According to the Investment Association, the amount of pension-fund liabilities hedged by LDI strategies was worth about £400bn in 2011, but had quadrupled to £1.6trn by 2021. Even so, there have been warnings of the risks if the era of ultra-low rates should end abruptly.

So what went wrong?

The way LDI works is that to arrange coverage, funds put up collateral – and if yields rise, they have to top up that collateral because the underlying asset, the gilt, is worth less. Normally, funds can easily meet this margin call: they have liquid assets and cash, and usually have days or weeks to make the payments.

What went wrong was that “yields rose so sharply that managers had to come up with the cash in a number of hours”, says Huw Jones on Reuters. Many funds didn’t have enough spare cash, so to meet the calls they “went to their next most liquid assets: gilts, with funds typically holding a lot of the longer-term, inflation-linked variety”.

But this is where the so-called “doom loop” comes in. Because so many funds were simultaneously selling gilts to meet payment demands, yields were pushed higher. And that in turn increased the collateral payments they had to make. And so on, through days of wild rumours about the scale of liabilities, and fears of contagion to other asset classes – until the Bank of England stepped in to stop the cycle.

How did it do that?

By promising to spend up to £5bn every day until 14 October – that’s 13 business days and a potential outlay of £65bn – on buying UK long-dated gilts, if needed, to stabilise the market by keeping yields down. So the bank has restarted its quantitative easing (QE) programme, whereby it buys bonds with printed money.

That headline figure, and the complexities involved, led to the widespread misapprehension of a £65bn state bailout of pension funds. In fact, up to Tuesday of this week, the central bank had so far needed to shell out less than £4bn on its temporary gilt purchase programme.

That doesn’t mean all worries are over. Gilt yields did fall sharply again in the wake of the Bank’s commitment, but they were rising again this week.
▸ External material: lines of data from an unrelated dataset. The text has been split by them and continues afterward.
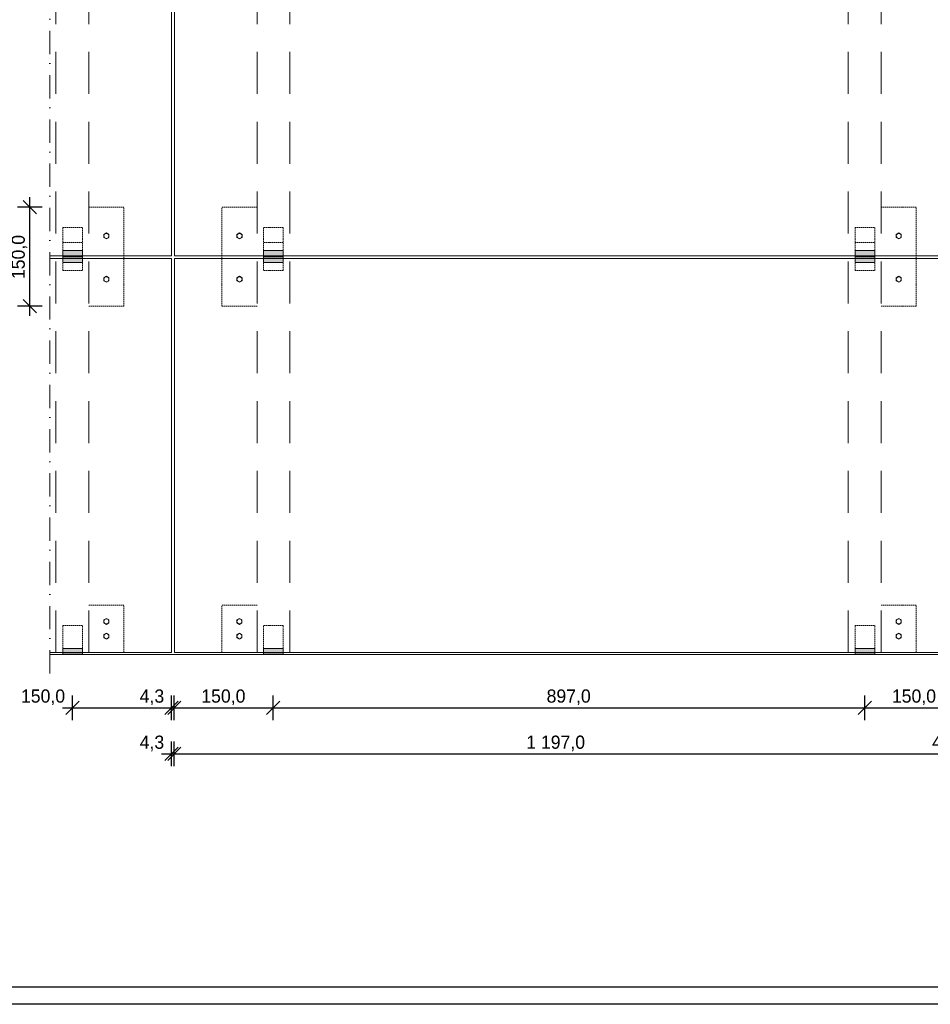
# Model space of a CAD drawing. Extents: x -106507 to -42801, y 48734 to 74234.
# Tile 2 of 69: x -95871 to -82065, y 48734 to 63655. Entities that reach past the tile are written whole.
import ezdxf

# ---------------------------------------------------------------- set-up
doc = ezdxf.new("R2010")
doc.units = 0
doc.header["$MEASUREMENT"] = 0
for name, pattern in [('Dot & Dashed', [670.277762, 352.777767, -176.388884, 0, -141.111112]), ('Hidden Line', [30, 20, -10]), ('Przerywana długa', [1058.333302, 634.99999, -423.333311])]:
    doc.linetypes.add(name, pattern=pattern)
for name, color, linetype, lineweight, true_color in [('2D Drafting - General_Pen_No__2', 7, 'Continuous', 15, 0x7f7f7f), ('2D Drafting - General_Pen_No__5', 7, 'Continuous', 25, 0x40a5ff), ('2D Drafting - General_Pen_No__62', 7, 'Continuous', 20, 0xaaaaaa), ('Wymiarowanie_Pen_No__5', 7, 'Continuous', 25, 0x40a5ff)]:
    doc.layers.add(name, color=color, linetype=linetype, lineweight=lineweight, true_color=true_color)
doc.layers.add('Wymiarowanie', color=7, linetype='Continuous')
doc.styles.add('GENERATED_STYLE_3', font='txt')
doc.dimstyles.new('GENERATED_STYLE__5', dxfattribs={"dimtxt": 200, "dimasz": 190, "dimexe": 0.18, "dimexo": 0, "dimgap": 0.09, "dimtad": 1, "dimdec": 1, "dimlfac": 0.1, "dimzin": 0, "dimdsep": 46, "dimtxsty": 'GENERATED_STYLE_3', "dimblk": 'ARROWHEAD_6', "dimblk1": 'ARROWHEAD_6', "dimblk2": 'ARROWHEAD_6', "dimcen": 0.09, "dimclrd": 256, "dimclre": 256, "dimclrt": 256, "dimadec": 0, "dimazin": 0, "dimtfac": 1, "dimtdec": 4, "dimtmove": 0, "dimatfit": 3, "dimfxl": 0, "dimtolj": 1, "dimtzin": 0, "dimarcsym": 0})
doc.dimstyles.new('GENERATED_STYLE__6', dxfattribs={"dimtxt": 200, "dimasz": 190, "dimexe": 0.18, "dimexo": 0, "dimgap": 0.09, "dimtad": 1, "dimtih": 1, "dimtoh": 1, "dimdec": 1, "dimlfac": 0.1, "dimzin": 0, "dimdsep": 46, "dimtxsty": 'GENERATED_STYLE_3', "dimblk": 'ARROWHEAD_6', "dimblk1": 'ARROWHEAD_6', "dimblk2": 'ARROWHEAD_6', "dimcen": 0.09, "dimclrd": 256, "dimclre": 256, "dimclrt": 256, "dimadec": 0, "dimazin": 0, "dimtfac": 1, "dimtdec": 4, "dimtmove": 0, "dimatfit": 3, "dimfxl": 0, "dimtolj": 1, "dimtzin": 0, "dimarcsym": 0})

# ---------------------------------------------------------------- blocks, each defined once
blk = doc.blocks.new('*D134')
at = {"layer": 'Wymiarowanie_Pen_No__5', "linetype": 'Continuous'}
for p, q in [((-96314, 60175), (-96114, 59975)), ((-96114, 59935), (-96314, 60135)), ((-96026, 60035), (-96401, 60035)), ((-96214, 54065), (-96214, 60035)), ((-96314, 54165), (-96114, 53965)), ((-96026, 54065), (-96401, 54065)), ((-96214, 53915), (-96214, 54065))]:
    blk.add_line(p, q, dxfattribs=at)
at = {"layer": 'Wymiarowanie_Pen_No__5', "char_height": 200, "attachment_point": 7, "rotation": 90, "style": 'GENERATED_STYLE_3'}
for s, insert in [('{597,0}', (-96254, 62719)), ('{4,0}', (-96254, 59552)), ('{597,0}', (-96254, 56517))]:
    blk.add_mtext(s, dxfattribs=dict(at, insert=insert))
blk = doc.blocks.new('ARROWHEAD_6')
at = {"color": 0, "linetype": 'Continuous', "lineweight": 0}
for p, q in [((0, 0), (-1, 0)), ((-0.5, -0.5), (0.5, 0.5))]:
    blk.add_line(p, q, dxfattribs=at)
blk = doc.blocks.new('*D135')
at = {"layer": 'Wymiarowanie_Pen_No__5', "linetype": 'Continuous'}
for p, q in [((-96314, 60175), (-96114, 59975)), ((-96114, 59935), (-96314, 60135)), ((-96026, 60075), (-96401, 60075)), ((-96026, 60035), (-96401, 60035)), ((-96214, 60035), (-96214, 60075))]:
    blk.add_line(p, q, dxfattribs=at)
at = {"layer": 'Wymiarowanie_Pen_No__5', "char_height": 200, "attachment_point": 7, "rotation": 90, "style": 'GENERATED_STYLE_3'}
for s, insert in [('{597,0}', (-96254, 62719)), ('{4,0}', (-96254, 59552)), ('{597,0}', (-96254, 56517))]:
    blk.add_mtext(s, dxfattribs=dict(at, insert=insert))
blk = doc.blocks.new('*D136')
at = {"layer": 'Wymiarowanie_Pen_No__5', "linetype": 'Continuous'}
for p, q in [((-96114, 65945), (-96314, 66145)), ((-96214, 66045), (-96214, 66195)), ((-96026, 66045), (-96401, 66045)), ((-96214, 60075), (-96214, 66045)), ((-96314, 60175), (-96114, 59975)), ((-96114, 59935), (-96314, 60135)), ((-96026, 60075), (-96401, 60075))]:
    blk.add_line(p, q, dxfattribs=at)
at = {"layer": 'Wymiarowanie_Pen_No__5', "char_height": 200, "attachment_point": 7, "rotation": 90, "style": 'GENERATED_STYLE_3'}
for s, insert in [('{597,0}', (-96254, 62719)), ('{4,0}', (-96254, 59552)), ('{597,0}', (-96254, 56517))]:
    blk.add_mtext(s, dxfattribs=dict(at, insert=insert))
blk = doc.blocks.new('*D137')
at = {"layer": 'Wymiarowanie_Pen_No__5', "linetype": 'Continuous'}
for p, q in [((-95617, 60715), (-95817, 60915)), ((-95717, 60815), (-95717, 60965)), ((-95529, 60815), (-95904, 60815)), ((-95717, 59315), (-95717, 60815)), ((-95817, 59415), (-95617, 59215)), ((-95529, 59315), (-95904, 59315)), ((-95717, 59165), (-95717, 59315))]:
    blk.add_line(p, q, dxfattribs=at)
at = {"layer": 'Wymiarowanie_Pen_No__5', "insert": (-95757, 59724), "char_height": 200, "attachment_point": 7, "rotation": 90, "style": 'GENERATED_STYLE_3'}
blk.add_mtext('{150,0}', dxfattribs=at)
blk = doc.blocks.new('*D138')
at = {"layer": 'Wymiarowanie_Pen_No__5', "linetype": 'Continuous'}
for p, q in [((-94970, 53328), (-95170, 53128)), ((-95070, 53041), (-95070, 53416)), ((-93670, 53128), (-93470, 53328)), ((-93427, 53328), (-93627, 53128)), ((-93570, 53041), (-93570, 53416)), ((-95220, 53228), (-95070, 53228)), ((-95070, 53228), (-93570, 53228))]:
    blk.add_line(p, q, dxfattribs=at)
at = {"layer": 'Wymiarowanie_Pen_No__5', "char_height": 200, "attachment_point": 7, "style": 'GENERATED_STYLE_3'}
for s, insert in [('{150,0}', (-95852, 53268)), ('{4,3}', (-94052, 53268)), ('{150,0}', (-93118, 53268)), ('{897,0}', (-87883, 53268)), ('{150,0}', (-82648, 53268)), ('{4,0}', (-81417, 53268))]:
    blk.add_mtext(s, dxfattribs=dict(at, insert=insert))
blk = doc.blocks.new('*D139')
at = {"layer": 'Wymiarowanie_Pen_No__5', "linetype": 'Continuous'}
for p, q in [((-93670, 53128), (-93470, 53328)), ((-93427, 53328), (-93627, 53128)), ((-93570, 53041), (-93570, 53416)), ((-93527, 53041), (-93527, 53416)), ((-93570, 53228), (-93527, 53228))]:
    blk.add_line(p, q, dxfattribs=at)
at = {"layer": 'Wymiarowanie_Pen_No__5', "char_height": 200, "attachment_point": 7, "style": 'GENERATED_STYLE_3'}
for s, insert in [('{150,0}', (-95852, 53268)), ('{4,3}', (-94052, 53268)), ('{150,0}', (-93118, 53268)), ('{897,0}', (-87883, 53268)), ('{150,0}', (-82648, 53268)), ('{4,0}', (-81417, 53268))]:
    blk.add_mtext(s, dxfattribs=dict(at, insert=insert))
blk = doc.blocks.new('*D140')
at = {"layer": 'Wymiarowanie_Pen_No__5', "linetype": 'Continuous'}
for p, q in [((-93670, 53128), (-93470, 53328)), ((-93427, 53328), (-93627, 53128)), ((-93527, 53041), (-93527, 53416)), ((-91927, 53328), (-92127, 53128)), ((-92027, 53041), (-92027, 53416)), ((-93527, 53228), (-92027, 53228))]:
    blk.add_line(p, q, dxfattribs=at)
at = {"layer": 'Wymiarowanie_Pen_No__5', "char_height": 200, "attachment_point": 7, "style": 'GENERATED_STYLE_3'}
for s, insert in [('{150,0}', (-95852, 53268)), ('{4,3}', (-94052, 53268)), ('{150,0}', (-93118, 53268)), ('{897,0}', (-87883, 53268)), ('{150,0}', (-82648, 53268)), ('{4,0}', (-81417, 53268))]:
    blk.add_mtext(s, dxfattribs=dict(at, insert=insert))
blk = doc.blocks.new('*D141')
at = {"layer": 'Wymiarowanie_Pen_No__5', "linetype": 'Continuous'}
for p, q in [((-91927, 53328), (-92127, 53128)), ((-92027, 53041), (-92027, 53416)), ((-82957, 53328), (-83157, 53128)), ((-83057, 53041), (-83057, 53416)), ((-92027, 53228), (-83057, 53228))]:
    blk.add_line(p, q, dxfattribs=at)
at = {"layer": 'Wymiarowanie_Pen_No__5', "char_height": 200, "attachment_point": 7, "style": 'GENERATED_STYLE_3'}
for s, insert in [('{150,0}', (-95852, 53268)), ('{4,3}', (-94052, 53268)), ('{150,0}', (-93118, 53268)), ('{897,0}', (-87883, 53268)), ('{150,0}', (-82648, 53268)), ('{4,0}', (-81417, 53268))]:
    blk.add_mtext(s, dxfattribs=dict(at, insert=insert))
blk = doc.blocks.new('*D142')
at = {"layer": 'Wymiarowanie_Pen_No__5', "linetype": 'Continuous'}
for p, q in [((-82957, 53328), (-83157, 53128)), ((-83057, 53041), (-83057, 53416)), ((-81657, 53128), (-81457, 53328)), ((-81417, 53328), (-81617, 53128)), ((-81557, 53041), (-81557, 53416)), ((-83057, 53228), (-81557, 53228))]:
    blk.add_line(p, q, dxfattribs=at)
at = {"layer": 'Wymiarowanie_Pen_No__5', "char_height": 200, "attachment_point": 7, "style": 'GENERATED_STYLE_3'}
for s, insert in [('{150,0}', (-95852, 53268)), ('{4,3}', (-94052, 53268)), ('{150,0}', (-93118, 53268)), ('{897,0}', (-87883, 53268)), ('{150,0}', (-82648, 53268)), ('{4,0}', (-81417, 53268))]:
    blk.add_mtext(s, dxfattribs=dict(at, insert=insert))
blk = doc.blocks.new('*D143')
at = {"layer": 'Wymiarowanie_Pen_No__5', "linetype": 'Continuous'}
for p, q in [((-81657, 53128), (-81457, 53328)), ((-81417, 53328), (-81617, 53128)), ((-81557, 53041), (-81557, 53416)), ((-81517, 53041), (-81517, 53416)), ((-81557, 53228), (-81517, 53228)), ((-81517, 53228), (-81367, 53228))]:
    blk.add_line(p, q, dxfattribs=at)
at = {"layer": 'Wymiarowanie_Pen_No__5', "char_height": 200, "attachment_point": 7, "style": 'GENERATED_STYLE_3'}
for s, insert in [('{150,0}', (-95852, 53268)), ('{4,3}', (-94052, 53268)), ('{150,0}', (-93118, 53268)), ('{897,0}', (-87883, 53268)), ('{150,0}', (-82648, 53268)), ('{4,0}', (-81417, 53268))]:
    blk.add_mtext(s, dxfattribs=dict(at, insert=insert))
blk = doc.blocks.new('*D161')
at = {"layer": 'Wymiarowanie_Pen_No__5', "linetype": 'Continuous'}
for p, q in [((-93570, 52342), (-93570, 52717)), ((-93527, 52342), (-93527, 52717)), ((-93720, 52529), (-93570, 52529)), ((-93670, 52429), (-93470, 52629)), ((-93427, 52629), (-93627, 52429)), ((-93570, 52529), (-93527, 52529))]:
    blk.add_line(p, q, dxfattribs=at)
at = {"layer": 'Wymiarowanie_Pen_No__5', "char_height": 200, "attachment_point": 7, "style": 'GENERATED_STYLE_3'}
for s, insert in [('{4,3}', (-94052, 52569)), ('{1\xa0197,0}', (-88192, 52569)), ('{4,0}', (-82039, 52569))]:
    blk.add_mtext(s, dxfattribs=dict(at, insert=insert))
blk = doc.blocks.new('*D162')
at = {"layer": 'Wymiarowanie_Pen_No__5', "linetype": 'Continuous'}
for p, q in [((-93527, 52342), (-93527, 52717)), ((-81557, 52342), (-81557, 52717)), ((-93670, 52429), (-93470, 52629)), ((-93427, 52629), (-93627, 52429)), ((-93527, 52529), (-81557, 52529)), ((-81657, 52429), (-81457, 52629)), ((-81417, 52629), (-81617, 52429))]:
    blk.add_line(p, q, dxfattribs=at)
at = {"layer": 'Wymiarowanie_Pen_No__5', "char_height": 200, "attachment_point": 7, "style": 'GENERATED_STYLE_3'}
for s, insert in [('{4,3}', (-94052, 52569)), ('{1\xa0197,0}', (-88192, 52569)), ('{4,0}', (-82039, 52569))]:
    blk.add_mtext(s, dxfattribs=dict(at, insert=insert))
blk = doc.blocks.new('*D163')
at = {"layer": 'Wymiarowanie_Pen_No__5', "linetype": 'Continuous'}
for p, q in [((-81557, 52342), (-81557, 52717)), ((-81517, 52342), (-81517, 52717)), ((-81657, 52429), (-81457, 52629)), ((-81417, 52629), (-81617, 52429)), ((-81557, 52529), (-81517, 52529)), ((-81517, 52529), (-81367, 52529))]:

As of now, there’s no knowing what the final bill will be, nor what will happen in the market once the purchasing period ends.

What can we learn from this?

Even if this bailout ends up costing the Bank of England nothing – as it sells back those long-dated gilts in an orderly manner – it has exposed the manner in which the defined-benefit sector gains from an implicit taxpayer guarantee denied to those who don’t enjoy such pensions.

After the financial crisis, banks paid for their implicit taxpayer guarantee by being hit with an extra tax, says Patrick Hosking in The Times. “There may be a case for defined benefit schemes... to be treated the same way”.

More broadly, the LDI blow-up may be a “harbinger of much bigger problems... in the way the government funds its ever-growing borrowing needs”, said Jeremy Warner in The Telegraph.

What are these problems?

UK pension funds are by far the biggest buyers of UK government debt; £1.5trn of the pension industry’s £2.5trn of assets is held in the form of high-grade bonds – mostly UK gilts. That’s not a good thing: over-investment in bonds that finance current government spending – rather than equities that drive business expansion – is ultimately a “curse on growth and productivity-enhancing investment”, says Warner.

Defined-benefit schemes are now in long-term run-off – and will “eventually become net sellers of gilts rather than net buyers”, which raises its own challenges. Unless the government offers much higher returns, it is unclear why the “next generation of ‘defined contribution’ pension provision would want to [invest] in government debt in quite the same way”. All this is “one more reason... for worrying about [our] irremovable budget deficit”.